2008年5月23日 星期五

British football: We won, so let's make it worse


malcontent


Football clubs

We won, so let's make it worse

May 22nd 2008
From The Economist print edition

A tale of globalisation and its malcontents


ENGLISH hearts, you would think, are swelling with pride. In Moscow on May 21st for the first time two English teams faced each other in the final of the Champions League, a football competition that pits 32 of the best teams across Europe against each other. Manchester United prevailed over Chelsea, as the rest of the continent looked on.

Offside Ronaldo: not English, but great

This was no one-off fluke but the latest indicator of the growing dominance of England's Premier League, once a poor cousin of Spain's La Liga, Italy's Serie A and Germany's Bundesliga. Each of its big four clubs—Arsenal, Chelsea, Liverpool and Manchester United—has reached at least one Champions League final in the past four years.

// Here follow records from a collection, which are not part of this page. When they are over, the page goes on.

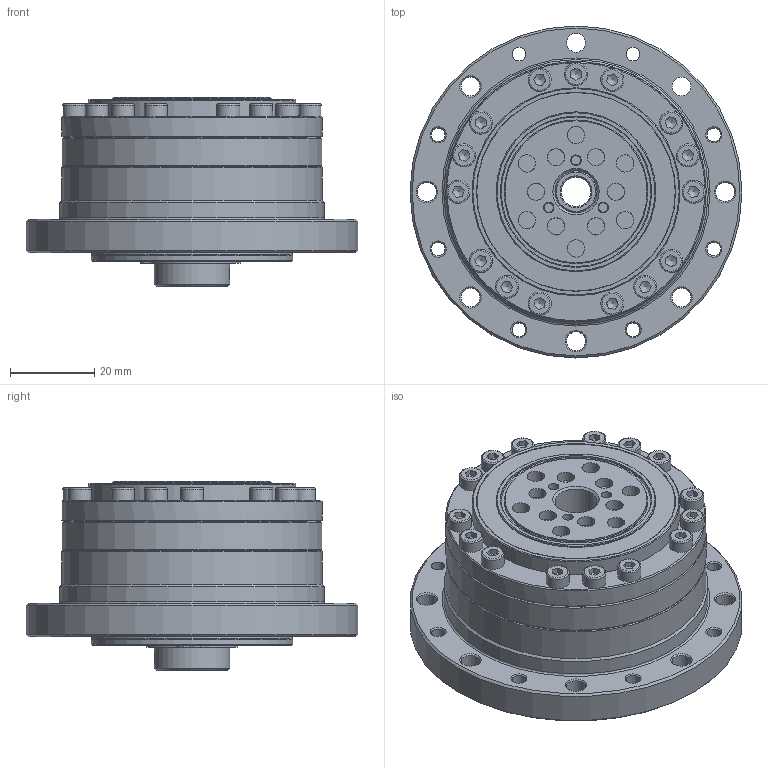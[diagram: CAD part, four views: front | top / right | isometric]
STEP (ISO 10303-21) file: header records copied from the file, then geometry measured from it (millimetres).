
FILE_DESCRIPTION(/* description */ (''),/* implementation_level */ '2;1');
FILE_NAME(/* name */ 'S:\TB00F\研發課二組\機密級\97.\X2\540C4EC151714EAB5340\X0\ (機密級)\H11\欣怡\2023專案追蹤\2.型錄\模型\\X2\5B987DB2\X0\3D檔(NEW)\DGC-PO\DGC-17-XX-PO.stp',/* time_stamp */ '2024-09-13T09:17:52+08:00',/* author */ ('bb1128.zheng'),/* organization */ (''),/* preprocessor_version */ 'ST-DEVELOPER v15.2',/* originating_system */ 'Autodesk Inventor 2014',/* authorisation */ '');
FILE_SCHEMA (('AUTOMOTIVE_DESIGN { 1 0 10303 214 3 1 1 }'));
Length unit declared in the file: centimetre
Products named in the file (1): DGC-17-PO
Bounding box: 79 x 79 x 45 mm (x, y, z)
Volume: 109265.2 mm3; surface area: 33432.1 mm2
Topology: 1 solids, 18 shells, 719 faces, 1716 edges, 1075 vertices
Faces by surface type: plane 287, cylinder 215, cone 106, torus 86, sphere 23, bspline 2
Full cylindrical faces by diameter (mm): 1.7 x2, 2.459 x2, 2.5 x3, 3 x3, 3.242 x8, 4.134 x12, 4.5 x8, 5 x6, 5.5 x21, 7 x1, 8 x1, 8.5 x6, 10 x2, 17 x1, 18 x2, 18.5 x1, 18.6 x1, 24.5 x1, 27 x1, 29 x1, 30.3 x1, 30.457 x1, 32.46 x1, 33.8 x1, 36 x1, 38 x2, 38.018 x2, 39.66 x1, 41.637 x1, 41.72 x1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
Entity records: 19107 total; most frequent: CARTESIAN_POINT 3585, DIRECTION 3356, ORIENTED_EDGE 2662, AXIS2_PLACEMENT_3D 1492, EDGE_CURVE 1284, EDGE_LOOP 1098, VERTEX_POINT 918, CIRCLE 774

This primacy owes little to home-grown talent. Twelve of the 22 players who started the game in Moscow were foreign. Roughly half of those fielded in an average Premier League weekend are neither British nor Irish. The most celebrated star (Manchester United's Cristiano Ronaldo) is Portuguese. England's national team failed to qualify for this summer's European championships.

Hosting the world's best without actually besting them is often called “the Wimbledon effect”, after the prestigious tennis tournament that Britain holds each year but is seldom in danger of winning. A better parallel may be with financial services: the City of London thrives on the back of an open market and international talent.

The Premier League's main source of strength is its financial clout. Since the early 1990s, when stadiums were upgraded and lucrative broadcasting deals agreed upon, the league has become a money-spinner. Foreign investors have poured in (Liverpool and Manchester United are owned by Americans, Chelsea by a Russian). England's big four clubs are among the world's ten richest, according to Deloitte, an accounting firm. This allows the clubs to hire the best players, which in turn draws crowds and increases revenues.


In most industries such a virtuous circle would be a cause for celebration. But Sepp Blatter, the president of FIFA, football's governing body, cites English dominance of the Champions League as proof of the need to restrict how many foreigners a team may field. Michel Platini, the head of UEFA, the European wing of FIFA, concurs. Some old-style hoof-it English managers claim that import restrictions would somehow help the coaching of young British talent.

This is the sort of protectionist tosh that most industries have not dared utter in public since the 1970s. How could a sport get better by limiting competition or lowering standards? English children are bad at football mainly because their training is bad (something other places have fixed). The league football in Britain is unimaginably better than it was. With luck EU labour law will stop Mr Blatter and keep it that way.